— PROBLEM DETAILS —
All that is needed is the run of lines from the top of the entries to the line with "Its self-contained STEP", that line included, repeated exactly and free of pictures.

---- DATA PROVIDED

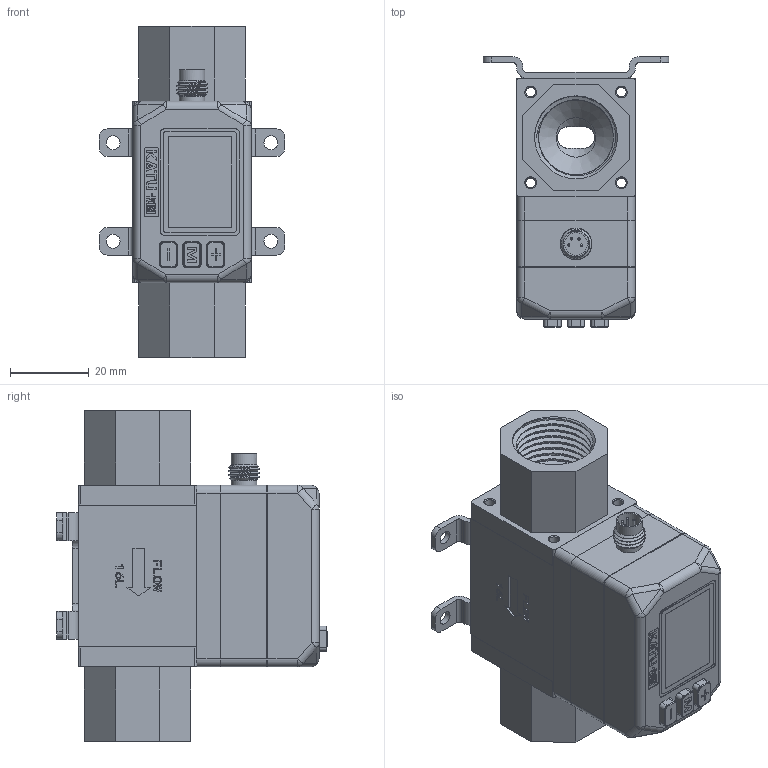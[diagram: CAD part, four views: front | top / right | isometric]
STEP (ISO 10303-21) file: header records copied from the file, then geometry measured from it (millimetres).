
FILE_DESCRIPTION( (''), '2;1');
FILE_NAME( 'QEKJ_16L_R1-2_M12_LED-display_bracket.step', '2023-12-14T18:15:03+08:00', (''), (''), '', '', '');
FILE_SCHEMA (('AUTOMOTIVE_DESIGN { 1 0 10303 214 3 1 1 1 }'));
Length unit declared in the file: millimetre
Products named in the file (1): QEKJ 16L_R1-2_M12_LED-display_bracket
Bounding box: 47 x 68.6 x 84 mm (x, y, z)
Volume: 55901.7 mm3; surface area: 49557.6 mm2
Topology: 9 solids, 30 shells, 1474 faces, 3880 edges, 2548 vertices
Faces by surface type: plane 843, cylinder 330, extrusion 189, cone 59, torus 25, sphere 20, bspline 8
Full cylindrical faces by diameter (mm): 0.6 x4, 1.2 x3, 1.5 x4, 1.7 x1, 1.8 x1, 2 x8, 2.05 x4, 2.2 x4, 2.3 x4, 2.5 x12, 3 x17, 3.5 x7, 4 x1, 4.5 x4, 5 x4, 5.5 x1, 5.8 x2, 6 x1, 6.5 x2, 7.5 x1, 8.5 x1, 10 x2, 12 x1, 14 x1, 15 x2, 19 x2, 20 x2
Entity records: 54003 total; most frequent: CARTESIAN_POINT 15600, ORIENTED_EDGE 7264, DIRECTION 6612, EDGE_CURVE 3632, VECTOR 2606, VERTEX_POINT 2466, LINE 2417, AXIS2_PLACEMENT_3D 2003
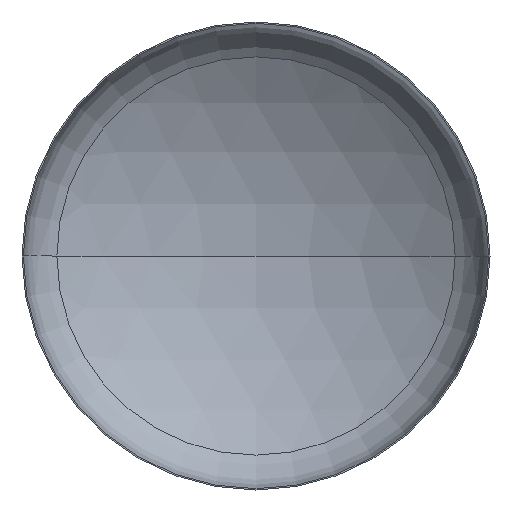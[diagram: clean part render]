
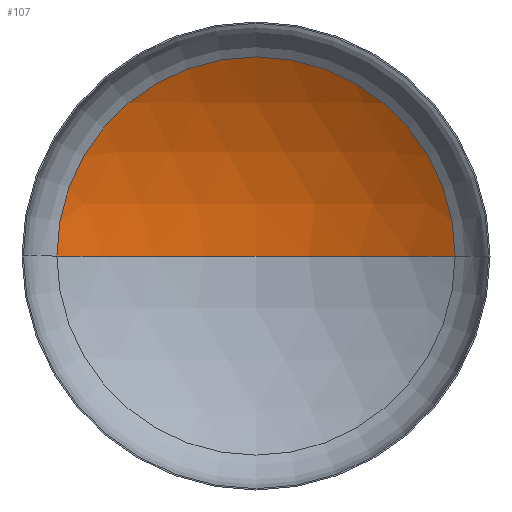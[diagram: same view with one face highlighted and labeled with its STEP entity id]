
A CAD part, front view. The second image highlights one B-rep face of the part: STEP entity #107.
In plain terms, the highlighted spherical face has radius 2560 mm.
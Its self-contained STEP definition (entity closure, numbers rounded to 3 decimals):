
#7 = EDGE_LOOP ( 'NONE', ( #238, #76, #12 ) ) ;
#12 = ORIENTED_EDGE ( 'NONE', *, *, #216, .T. ) ;
#20 = VERTEX_POINT ( 'NONE', #280 ) ;
#53 = VERTEX_POINT ( 'NONE', #246 ) ;
#76 = ORIENTED_EDGE ( 'NONE', *, *, #219, .T. ) ;
#77 = VERTEX_POINT ( 'NONE', #232 ) ;
#107 = ADVANCED_FACE ( 'NONE', ( #395 ), #113, .F. ) ;
#113 = SPHERICAL_SURFACE ( 'NONE', #178, 2560. ) ;
#116 = AXIS2_PLACEMENT_3D ( 'NONE', #163, #161, #159 ) ;
#126 = AXIS2_PLACEMENT_3D ( 'NONE', #270, #269, #245 ) ;
#138 = AXIS2_PLACEMENT_3D ( 'NONE', #169, #195, #197 ) ;
#159 = DIRECTION ( 'NONE',  ( 1., 0., 0. ) ) ;
#161 = DIRECTION ( 'NONE',  ( 0., 0., 1. ) ) ;
#163 = CARTESIAN_POINT ( 'NONE',  ( 0., -1722.912, 0. ) ) ;
#169 = CARTESIAN_POINT ( 'NONE',  ( 0., 444.94, 0. ) ) ;
#178 = AXIS2_PLACEMENT_3D ( 'NONE', #320, #317, #316 ) ;
#195 = DIRECTION ( 'NONE',  ( 0., -1., 0. ) ) ;
#197 = DIRECTION ( 'NONE',  ( 1., 0., 0. ) ) ;
#216 = EDGE_CURVE ( 'NONE', #20, #77, #377, .T. ) ;
#219 = EDGE_CURVE ( 'NONE', #53, #20, #373, .T. ) ;
#222 = EDGE_CURVE ( 'NONE', #53, #77, #310, .T. ) ;
#232 = CARTESIAN_POINT ( 'NONE',  ( -1361.623, 444.94, 0. ) ) ;
#238 = ORIENTED_EDGE ( 'NONE', *, *, #222, .F. ) ;
#245 = DIRECTION ( 'NONE',  ( -1., 0., 0. ) ) ;
#246 = CARTESIAN_POINT ( 'NONE',  ( 0., 837.088, 0. ) ) ;
#269 = DIRECTION ( 'NONE',  ( 0., 0., -1. ) ) ;
#270 = CARTESIAN_POINT ( 'NONE',  ( 0., -1722.912, 0. ) ) ;
#280 = CARTESIAN_POINT ( 'NONE',  ( 1361.623, 444.94, 0. ) ) ;
#310 = CIRCLE ( 'NONE', #116, 2560. ) ;
#316 = DIRECTION ( 'NONE',  ( -1., 0., 0. ) ) ;
#317 = DIRECTION ( 'NONE',  ( 0., 0., -1. ) ) ;
#320 = CARTESIAN_POINT ( 'NONE',  ( 0., -1722.912, 0. ) ) ;
#373 = CIRCLE ( 'NONE', #126, 2560. ) ;
#377 = CIRCLE ( 'NONE', #138, 1361.623 ) ;
#395 = FACE_OUTER_BOUND ( 'NONE', #7, .T. ) ;
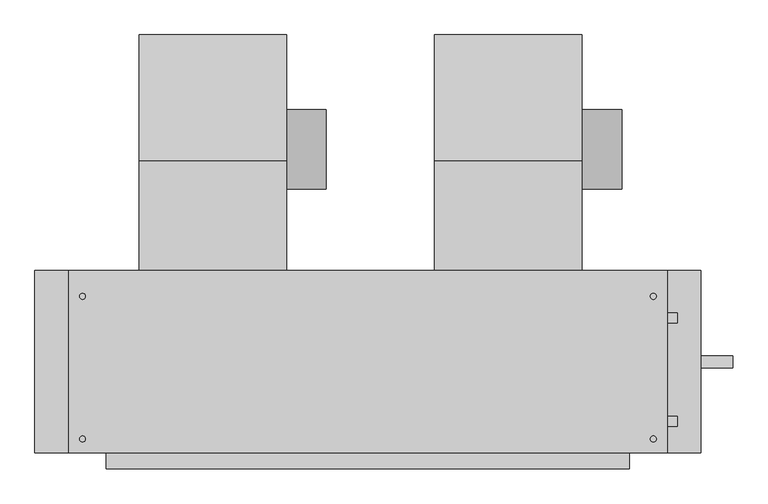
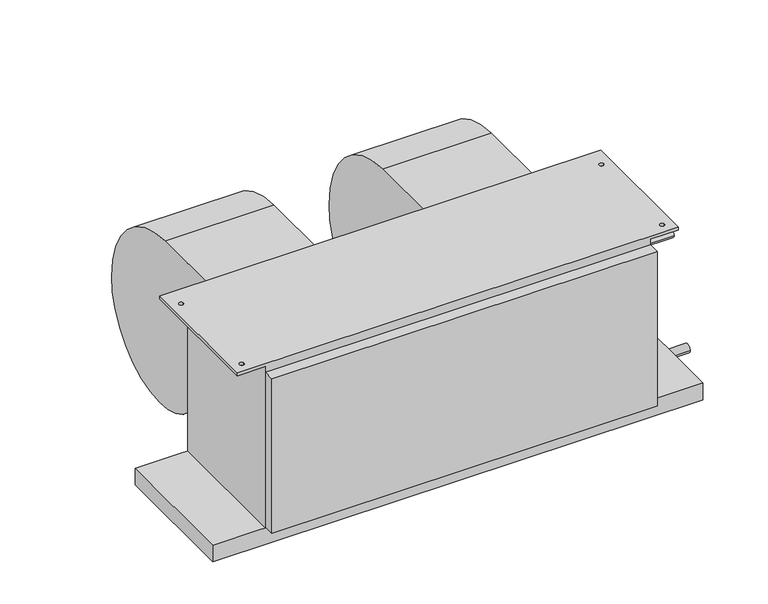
"""IFC4 building model written with IfcOpenShell, lengths in millimetres: proxy geometry, Concealed_High_Capacity_Horizontal_Fan_Coil_Unit_-_42DAA_-_CARRIER_-_2-Pipe_Cool-EHeat_RH_2022 : Size 14 - 277v/60Hz/1Ph - 6 Row 10.0kW."""

import ifcopenshell
import ifcopenshell.guid

model = None  # the IFC model being written
_history = None  # IfcOwnerHistory: only IFC2X3 demands one
_inside = {}  # id of a spatial element -> (the spatial element, [elements in it])
_under = {}  # id of a project, library or spatial element -> (it, [spatial elements below it])
_declared = {}  # id of a project -> (the project, [libraries it declares])
_typed = {}  # id of a type object -> (the type object, [elements of that type])
_made_of = {}  # id of a material, layer set ... -> (it, [elements and type objects made of it])


def new_model(schema):
    """Start an empty IFC model of exactly this schema.

    Asked for "IFC4X3", IfcOpenShell would pick the latest addendum, in which some entities
    have other attributes; the version numbers below select the first issue.
    IFC2X3 requires an IfcOwnerHistory on every rooted entity: one is made here for all.
    """
    global model, _history
    if schema == "IFC4X3":
        model = ifcopenshell.file(schema_version=(4, 3, 0, 0))
    else:
        model = ifcopenshell.file(schema=schema)
    _inside.clear()
    _under.clear()
    _declared.clear()
    _typed.clear()
    _made_of.clear()
    _history = None
    if model.schema == "IFC2X3":
        org = make("IfcOrganization", Name="unknown")
        user = make(
            "IfcPersonAndOrganization",
            ThePerson=make("IfcPerson", FamilyName="unknown"),
            TheOrganization=org,
        )
        app = make(
            "IfcApplication",
            ApplicationDeveloper=org,
            Version="unknown",
            ApplicationFullName="unknown",
            ApplicationIdentifier="unknown",
        )
        _history = make(
            "IfcOwnerHistory",
            OwningUser=user,
            OwningApplication=app,
            ChangeAction="ADDED",
            CreationDate=0,
        )
    return model


def make(cls, **values):
    """One entity of the class cls with the attributes given. An attribute that is None is left unset."""
    return model.create_entity(
        cls, **{name: value for name, value in values.items() if value is not None}
    )


def rooted(cls, **values):
    """An entity with a GlobalId (a new one), such as an element, a storey or a relation."""
    return make(cls, GlobalId=ifcopenshell.guid.new(), OwnerHistory=_history, **values)


def si_unit(unit_type, name, prefix=None):
    """IfcSIUnit, for example si_unit("LENGTHUNIT", "METRE", prefix="MILLI")."""
    return make("IfcSIUnit", UnitType=unit_type, Prefix=prefix, Name=name)


def assignment(units):
    """IfcUnitAssignment: the units of a project."""
    return None if units is None else make("IfcUnitAssignment", Units=units)


def point(xyz):
    """IfcCartesianPoint."""
    return None if xyz is None else make("IfcCartesianPoint", Coordinates=xyz)


def direction(xyz):
    """IfcDirection."""
    return None if xyz is None else make("IfcDirection", DirectionRatios=xyz)


def frame(location, z_axis=None, x_axis=None):
    """IfcAxis2Placement3D, a coordinate frame: its origin and axes. An axis left out is left unset."""
    return make(
        "IfcAxis2Placement3D",
        Location=point(location),
        Axis=direction(z_axis),
        RefDirection=direction(x_axis),
    )


def frame_2d(location, x_axis=None):
    """IfcAxis2Placement2D, a coordinate frame in the plane: its origin and x axis."""
    return make(
        "IfcAxis2Placement2D", Location=point(location), RefDirection=direction(x_axis)
    )


def origin():
    """The frame at (0, 0, 0) with its axes left unset."""
    return frame((0.0, 0.0, 0.0))


def place(relative_to, where):
    """IfcLocalPlacement: puts the frame where relative to a parent placement (None: the world)."""
    return make(
        "IfcLocalPlacement", PlacementRelTo=relative_to, RelativePlacement=where
    )


def context(
    kind, dimensions, precision=None, world=None, true_north=None, identifier=None
):
    """IfcGeometricRepresentationContext, for example the 3D "Model" context."""
    return make(
        "IfcGeometricRepresentationContext",
        ContextIdentifier=identifier,
        ContextType=kind,
        CoordinateSpaceDimension=dimensions,
        Precision=precision,
        WorldCoordinateSystem=world,
        TrueNorth=true_north,
    )


def project(units=None, contexts=None):
    """IfcProject with its units and contexts."""
    return rooted(
        "IfcProject",
        Name="project",
        RepresentationContexts=contexts,
        UnitsInContext=assignment(units),
    )


def spatial(cls, under=None, at=None, **own):
    """A site, building, storey or space (cls), placed at a placement, below another one or the project."""
    s = rooted(cls, ObjectPlacement=at, **own)
    if under is not None:
        _under.setdefault(under.id(), (under, []))[1].append(s)
    return s


def polyline(points):
    """IfcPolyline through the points."""
    return make("IfcPolyline", Points=[point(p) for p in points])


def circle_curve(where, radius):
    """IfcCircle in the frame where."""
    return make("IfcCircle", Position=where, Radius=radius)


def trimmed(basis, trim1, trim2, sense, master):
    """IfcTrimmedCurve: the piece of a basis curve between two trims."""
    return make(
        "IfcTrimmedCurve",
        BasisCurve=basis,
        Trim1=trim1,
        Trim2=trim2,
        SenseAgreement=sense,
        MasterRepresentation=master,
    )


def segment(curve, same_sense, transition):
    """IfcCompositeCurveSegment."""
    return make(
        "IfcCompositeCurveSegment",
        Transition=transition,
        SameSense=same_sense,
        ParentCurve=curve,
    )


def composite_curve(segments, self_intersect=None):
    """IfcCompositeCurve: segments joined end to end."""
    return make("IfcCompositeCurve", Segments=segments, SelfIntersect=self_intersect)


def outline(outer, holes=None, kind="AREA"):
    """IfcArbitraryClosedProfileDef: a profile drawn as a closed curve; with holes, ...WithVoids."""
    if holes is None:
        return make("IfcArbitraryClosedProfileDef", ProfileType=kind, OuterCurve=outer)
    return make(
        "IfcArbitraryProfileDefWithVoids",
        ProfileType=kind,
        OuterCurve=outer,
        InnerCurves=holes,
    )


def extrude(swept, where, along, depth):
    """IfcExtrudedAreaSolid: the profile swept, set in the frame where, extruded along a direction by depth."""
    return make(
        "IfcExtrudedAreaSolid",
        SweptArea=swept,
        Position=where,
        ExtrudedDirection=direction(along),
        Depth=depth,
    )


def shape(context_of_items, identifier, shape_type, items):
    """IfcShapeRepresentation: the items that make up one representation, for example the "Body"."""
    return make(
        "IfcShapeRepresentation",
        ContextOfItems=context_of_items,
        RepresentationIdentifier=identifier,
        RepresentationType=shape_type,
        Items=items,
    )


def source(mapping_origin, context_of_items, identifier, shape_type, items):
    """IfcRepresentationMap: a shape defined once, which mapped items show again and again."""
    return make(
        "IfcRepresentationMap",
        MappingOrigin=mapping_origin,
        MappedRepresentation=shape(context_of_items, identifier, shape_type, items),
    )


def transform(
    local_origin,
    x_axis=None,
    y_axis=None,
    z_axis=None,
    scale=None,
    scale2=None,
    scale3=None,
    uniform=True,
):
    """IfcCartesianTransformationOperator3D, or its non-uniform kind. x_axis, y_axis, z_axis: its Axis1, 2, 3."""
    if uniform:
        return make(
            "IfcCartesianTransformationOperator3D",
            Axis1=direction(x_axis),
            Axis2=direction(y_axis),
            LocalOrigin=point(local_origin),
            Scale=scale,
            Axis3=direction(z_axis),
        )
    return make(
        "IfcCartesianTransformationOperator3DnonUniform",
        Axis1=direction(x_axis),
        Axis2=direction(y_axis),
        LocalOrigin=point(local_origin),
        Scale=scale,
        Axis3=direction(z_axis),
        Scale2=scale2,
        Scale3=scale3,
    )


def mapped(mapping_source, mapping_target):
    """IfcMappedItem: shows the shape of a source again, moved by a transform."""
    return make(
        "IfcMappedItem", MappingSource=mapping_source, MappingTarget=mapping_target
    )


def made_of(thing, what):
    """Note that an element or type object is made of a material, layer set ...; save() writes the relation."""
    if what is not None:
        _made_of.setdefault(what.id(), (what, []))[1].append(thing)
    return thing


def element(
    cls,
    number,
    at=None,
    inside=None,
    cuts=None,
    type_object=None,
    material=None,
    context=None,
    identifier="Body",
    shape_type=None,
    held_by="IfcProductDefinitionShape",
    body=None,
    shapes=None,
    **own,
):
    """One element of the class cls, such as IfcWall. Its Tag is "e" and its number.

    at: its placement. inside: the storey or other place that contains it. cuts: it is an
    opening in that element (IfcRelVoidsElement). A single representation is given by context,
    identifier, shape_type and body (its items); several are given by shapes. held_by: the class
    of the entity that holds the representations. save() writes the other relations.
    """
    e = rooted(cls, Tag="e%d" % number, ObjectPlacement=at, **own)
    if body is not None:
        shapes = [shape(context, identifier, shape_type, body)]
    if shapes is not None:
        e.Representation = make(held_by, Representations=shapes)
    if inside is not None:
        _inside.setdefault(inside.id(), (inside, []))[1].append(e)
    if cuts is not None:
        rooted(
            "IfcRelVoidsElement", RelatingBuildingElement=cuts, RelatedOpeningElement=e
        )
    if type_object is not None:
        _typed.setdefault(type_object.id(), (type_object, []))[1].append(e)
    return made_of(e, material)


def aggregate(whole, parts):
    """IfcRelAggregates: a whole, such as a stair, and the parts it consists of."""
    return rooted("IfcRelAggregates", RelatingObject=whole, RelatedObjects=parts)


def save(model, path):
    """Write the relations noted so far, then the file.

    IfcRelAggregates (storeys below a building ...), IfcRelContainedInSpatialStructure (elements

--------

— OUTPUT BELOW —
[diagram: CAD part, four views: front | top / right | isometric]
STEP (ISO 10303-21) file: header records copied from the file, then geometry measured from it (millimetres).
FILE_DESCRIPTION( (''), '2;1');
FILE_NAME( 'QEKJ_16L_R1-2_M12_LED-display_bracket.step', '2023-12-14T18:15:03+08:00', (''), (''), '', '', '');
FILE_SCHEMA (('AUTOMOTIVE_DESIGN { 1 0 10303 214 3 1 1 1 }'));
Length unit declared in the file: millimetre
Products named in the file (1): QEKJ 16L_R1-2_M12_LED-display_bracket
Bounding box: 47 x 68.6 x 84 mm (x, y, z)
Volume: 55901.7 mm3; surface area: 49557.6 mm2
Topology: 9 solids, 30 shells, 1474 faces, 3880 edges, 2548 vertices
Faces by surface type: plane 843, cylinder 330, extrusion 189, cone 59, torus 25, sphere 20, bspline 8
Full cylindrical faces by diameter (mm): 0.6 x4, 1.2 x3, 1.5 x4, 1.7 x1, 1.8 x1, 2 x8, 2.05 x4, 2.2 x4, 2.3 x4, 2.5 x12, 3 x17, 3.5 x7, 4 x1, 4.5 x4, 5 x4, 5.5 x1, 5.8 x2, 6 x1, 6.5 x2, 7.5 x1, 8.5 x1, 10 x2, 12 x1, 14 x1, 15 x2, 19 x2, 20 x2
Entity records: 54003 total; most frequent: CARTESIAN_POINT 15600, ORIENTED_EDGE 7264, DIRECTION 6612, EDGE_CURVE 3632, VECTOR 2606, VERTEX_POINT 2466, LINE 2417, AXIS2_PLACEMENT_3D 2003
[diagram: clean part render]
[diagram: same view with one face highlighted and labeled with its STEP entity id]
A CAD part, front view. The second image highlights one B-rep face of the part: STEP entity #107.
In plain terms, the highlighted spherical face has radius 2560 mm.
Its self-contained STEP definition (entity closure, numbers rounded to 3 decimals):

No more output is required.